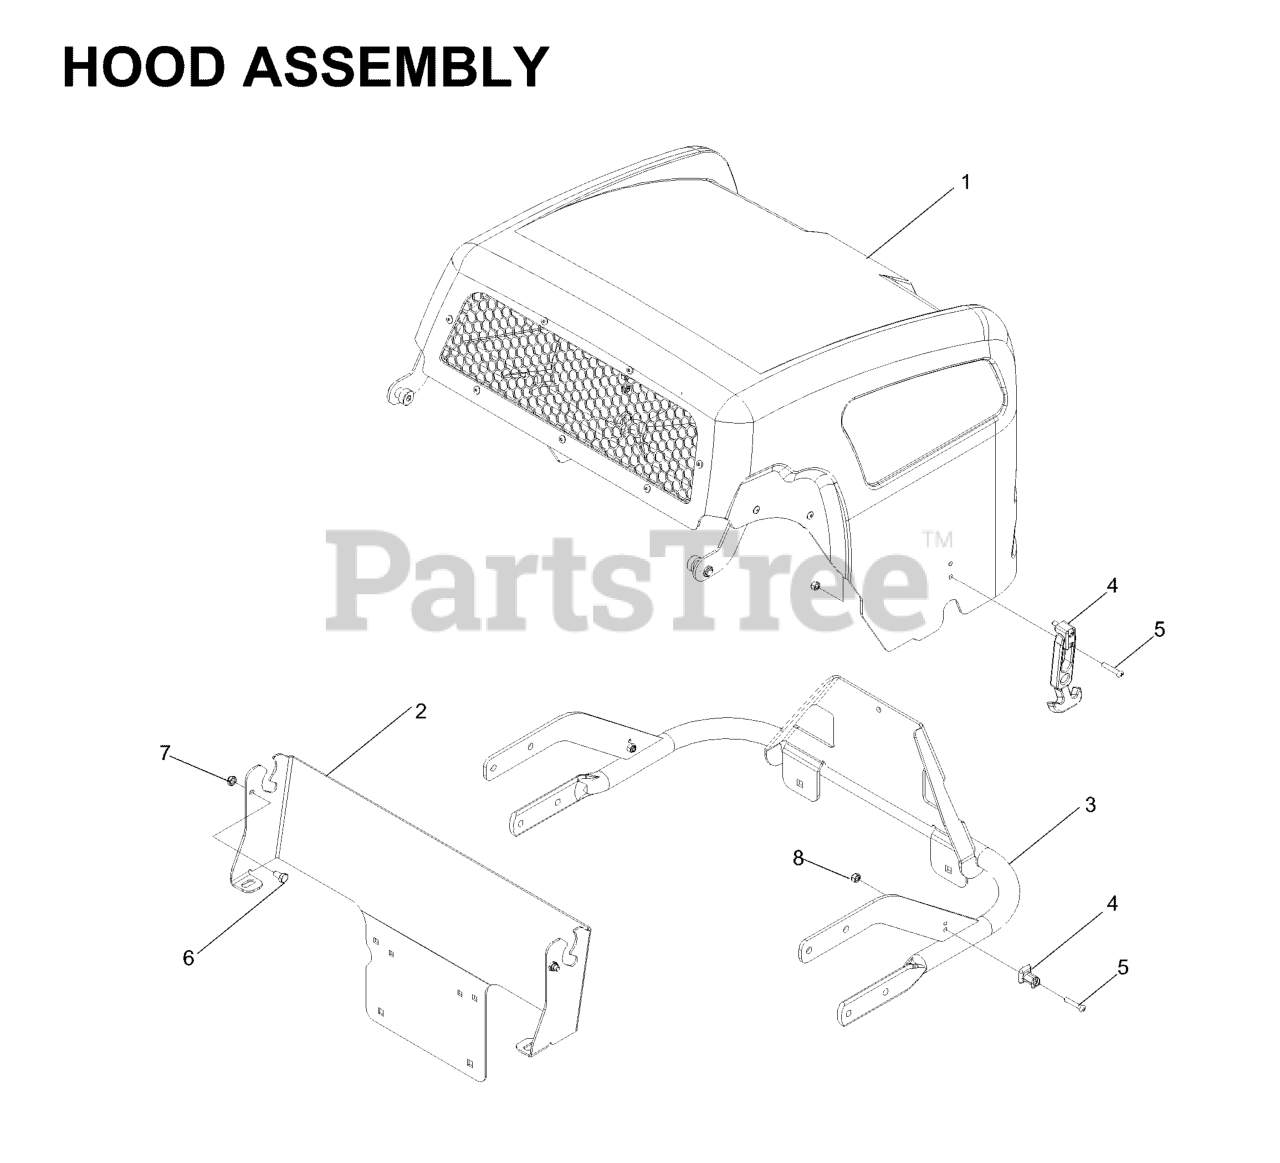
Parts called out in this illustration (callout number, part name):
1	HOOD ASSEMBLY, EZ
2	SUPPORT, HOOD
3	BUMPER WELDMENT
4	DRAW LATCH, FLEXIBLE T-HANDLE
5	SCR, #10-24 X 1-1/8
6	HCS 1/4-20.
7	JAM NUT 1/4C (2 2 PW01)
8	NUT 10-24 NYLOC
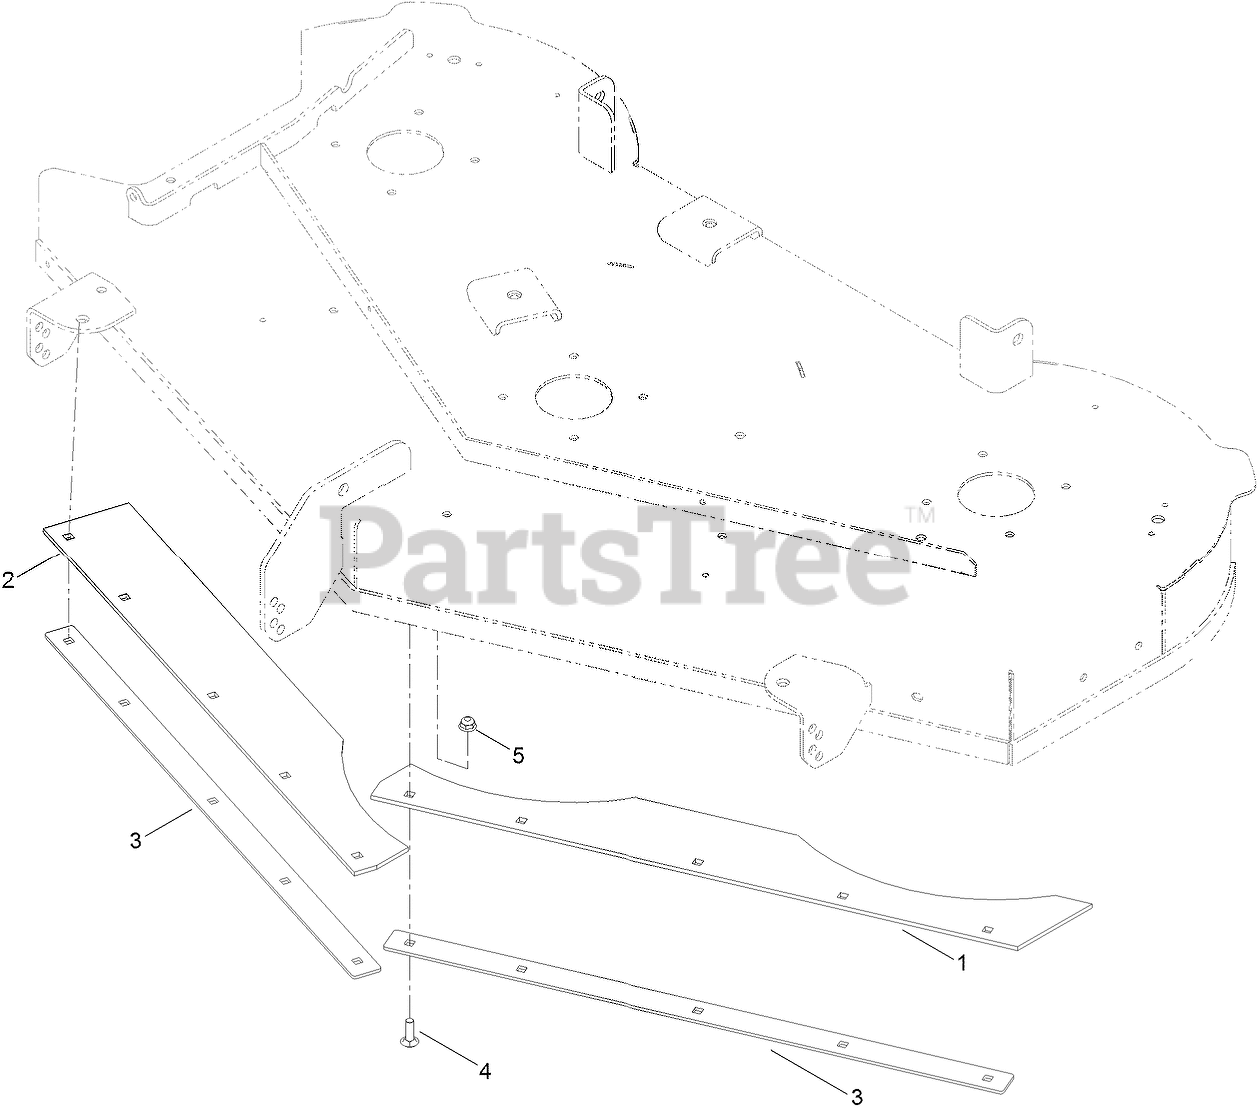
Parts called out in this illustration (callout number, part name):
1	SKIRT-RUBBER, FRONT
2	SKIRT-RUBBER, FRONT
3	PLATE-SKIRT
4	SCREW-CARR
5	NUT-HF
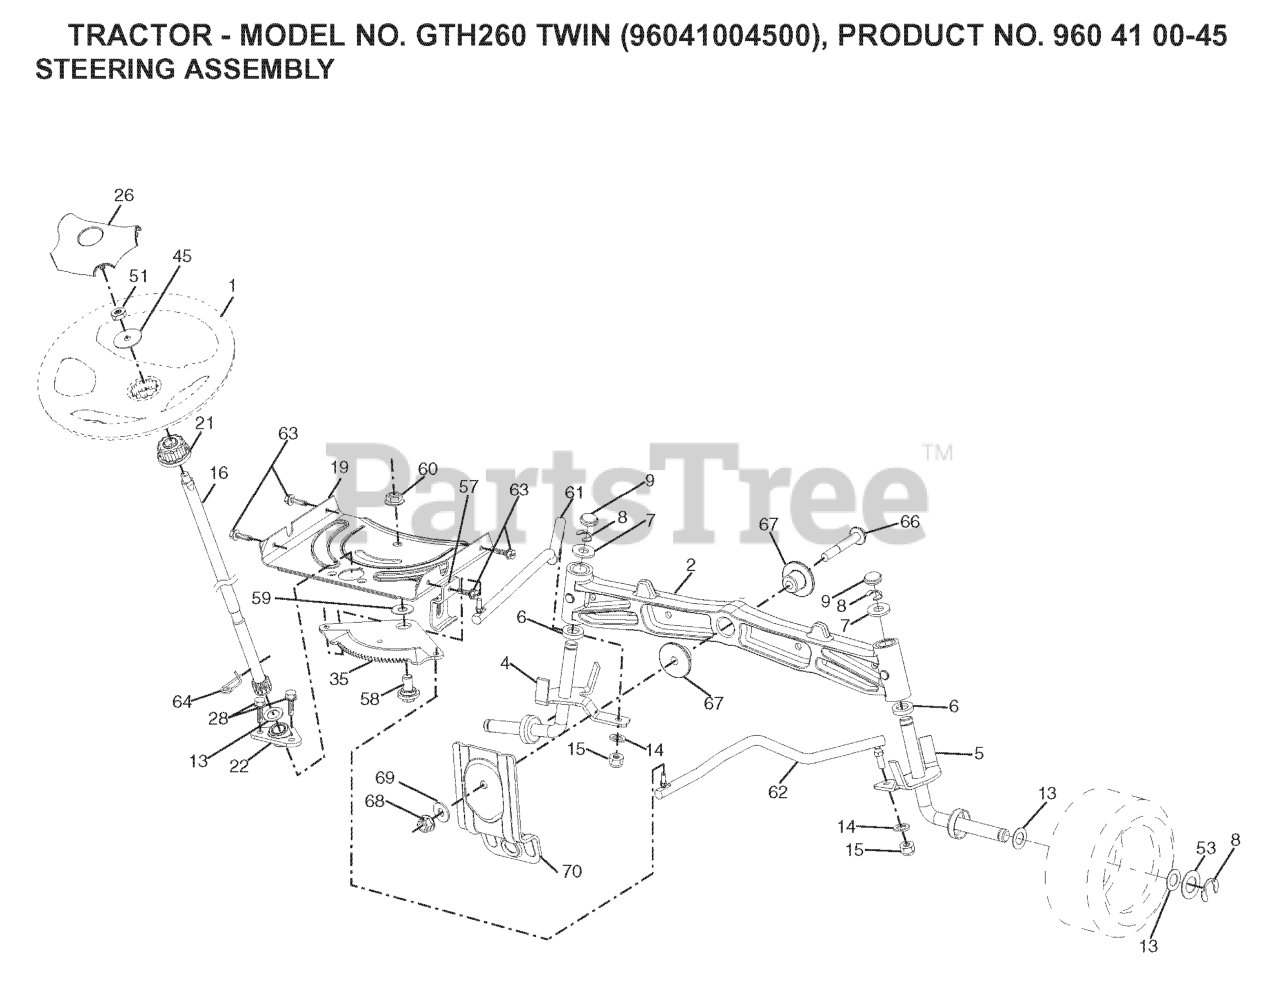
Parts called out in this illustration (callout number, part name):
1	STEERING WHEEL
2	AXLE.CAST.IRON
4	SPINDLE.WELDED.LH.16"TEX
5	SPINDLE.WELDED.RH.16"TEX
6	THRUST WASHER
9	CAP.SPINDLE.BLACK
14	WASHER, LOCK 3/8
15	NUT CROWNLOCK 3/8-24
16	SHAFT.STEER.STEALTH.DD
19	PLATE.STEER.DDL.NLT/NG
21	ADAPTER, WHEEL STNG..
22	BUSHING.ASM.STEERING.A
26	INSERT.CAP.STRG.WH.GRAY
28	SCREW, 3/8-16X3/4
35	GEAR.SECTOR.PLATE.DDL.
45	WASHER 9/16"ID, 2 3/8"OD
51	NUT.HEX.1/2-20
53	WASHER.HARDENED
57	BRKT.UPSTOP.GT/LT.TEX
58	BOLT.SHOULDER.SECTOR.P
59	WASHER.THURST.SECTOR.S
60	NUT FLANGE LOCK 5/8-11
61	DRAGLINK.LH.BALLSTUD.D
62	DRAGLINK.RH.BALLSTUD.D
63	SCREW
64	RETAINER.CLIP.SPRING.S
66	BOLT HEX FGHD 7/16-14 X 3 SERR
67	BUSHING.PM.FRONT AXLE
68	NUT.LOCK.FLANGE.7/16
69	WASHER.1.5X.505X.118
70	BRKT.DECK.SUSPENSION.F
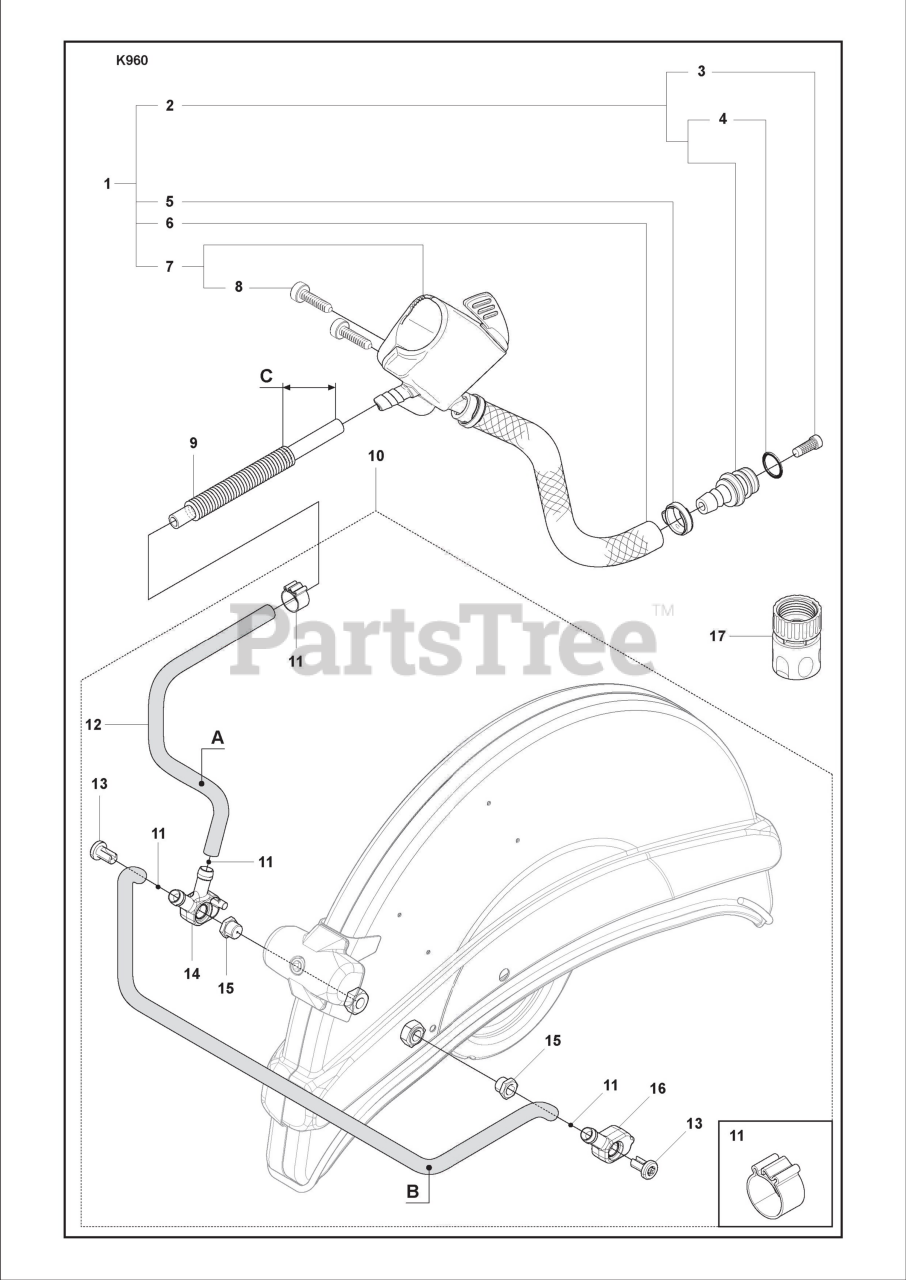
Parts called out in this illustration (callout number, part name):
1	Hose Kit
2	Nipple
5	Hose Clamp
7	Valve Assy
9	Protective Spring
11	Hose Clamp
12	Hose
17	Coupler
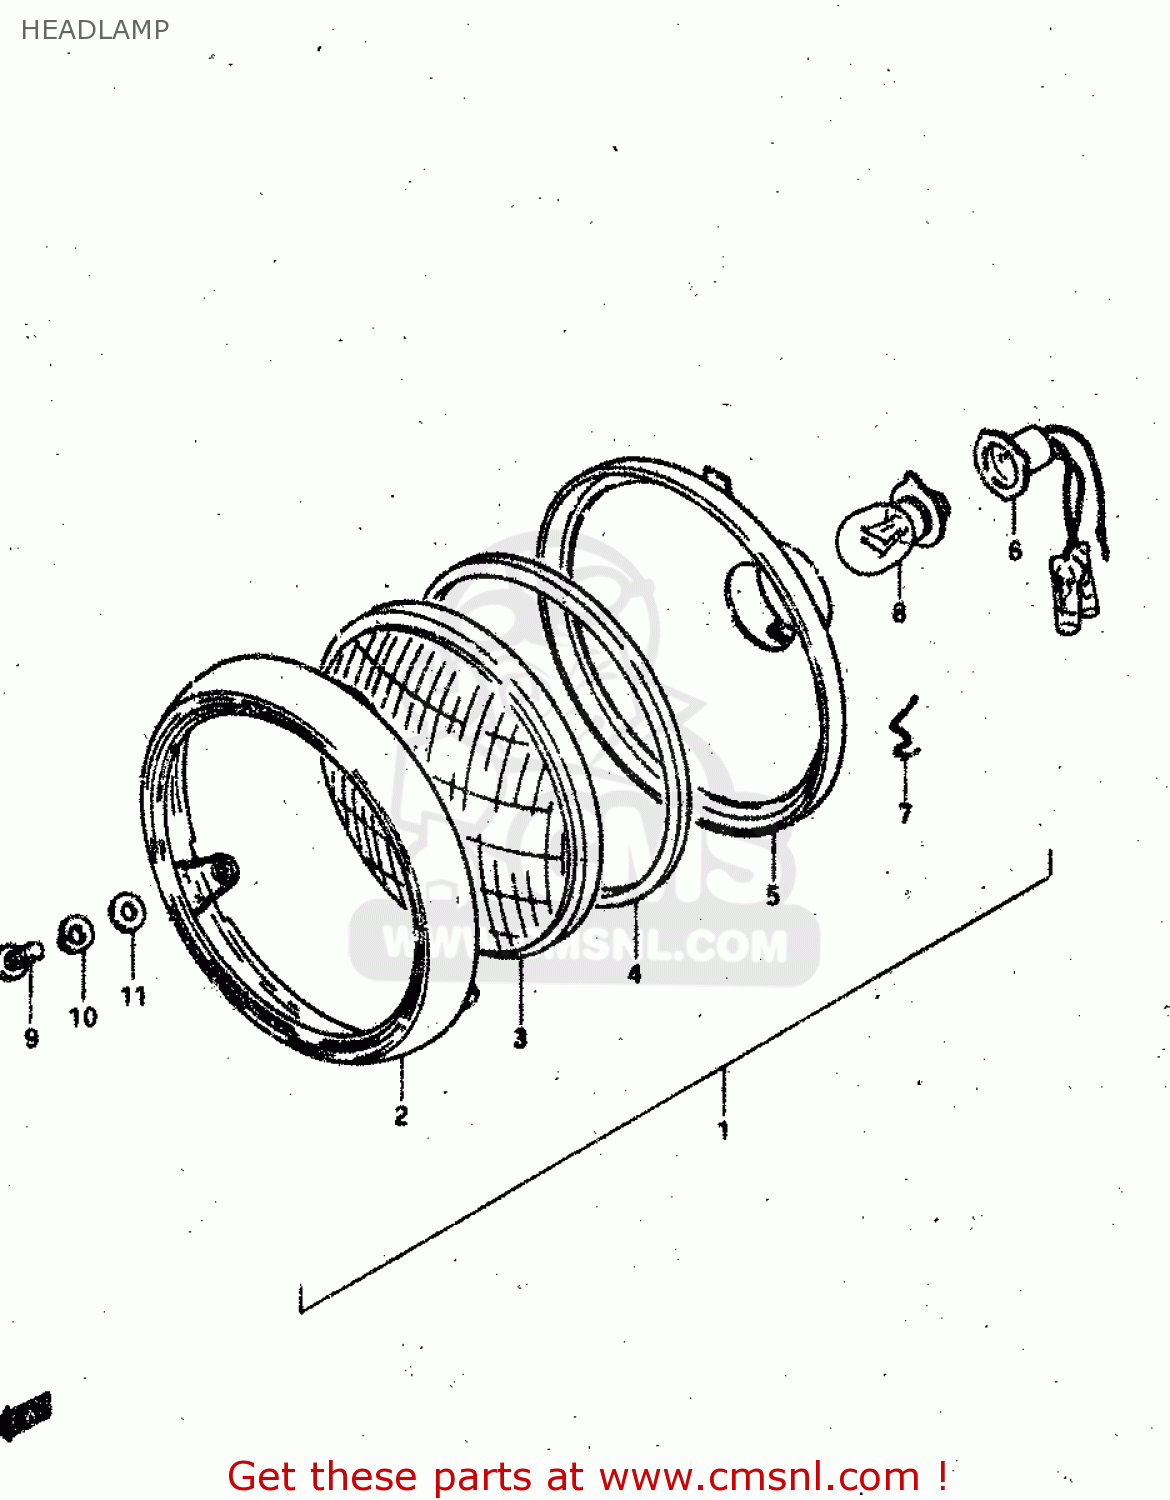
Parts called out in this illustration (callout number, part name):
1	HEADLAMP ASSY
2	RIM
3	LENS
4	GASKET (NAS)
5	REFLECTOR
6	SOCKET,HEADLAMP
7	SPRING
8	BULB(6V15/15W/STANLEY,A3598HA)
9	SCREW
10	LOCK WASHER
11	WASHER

- _WHAT THE TASK ASKS_: Going through the entries above, tally each line that has the word "AXLE". Answer with the number only.

- _TASK ANSWER_: 2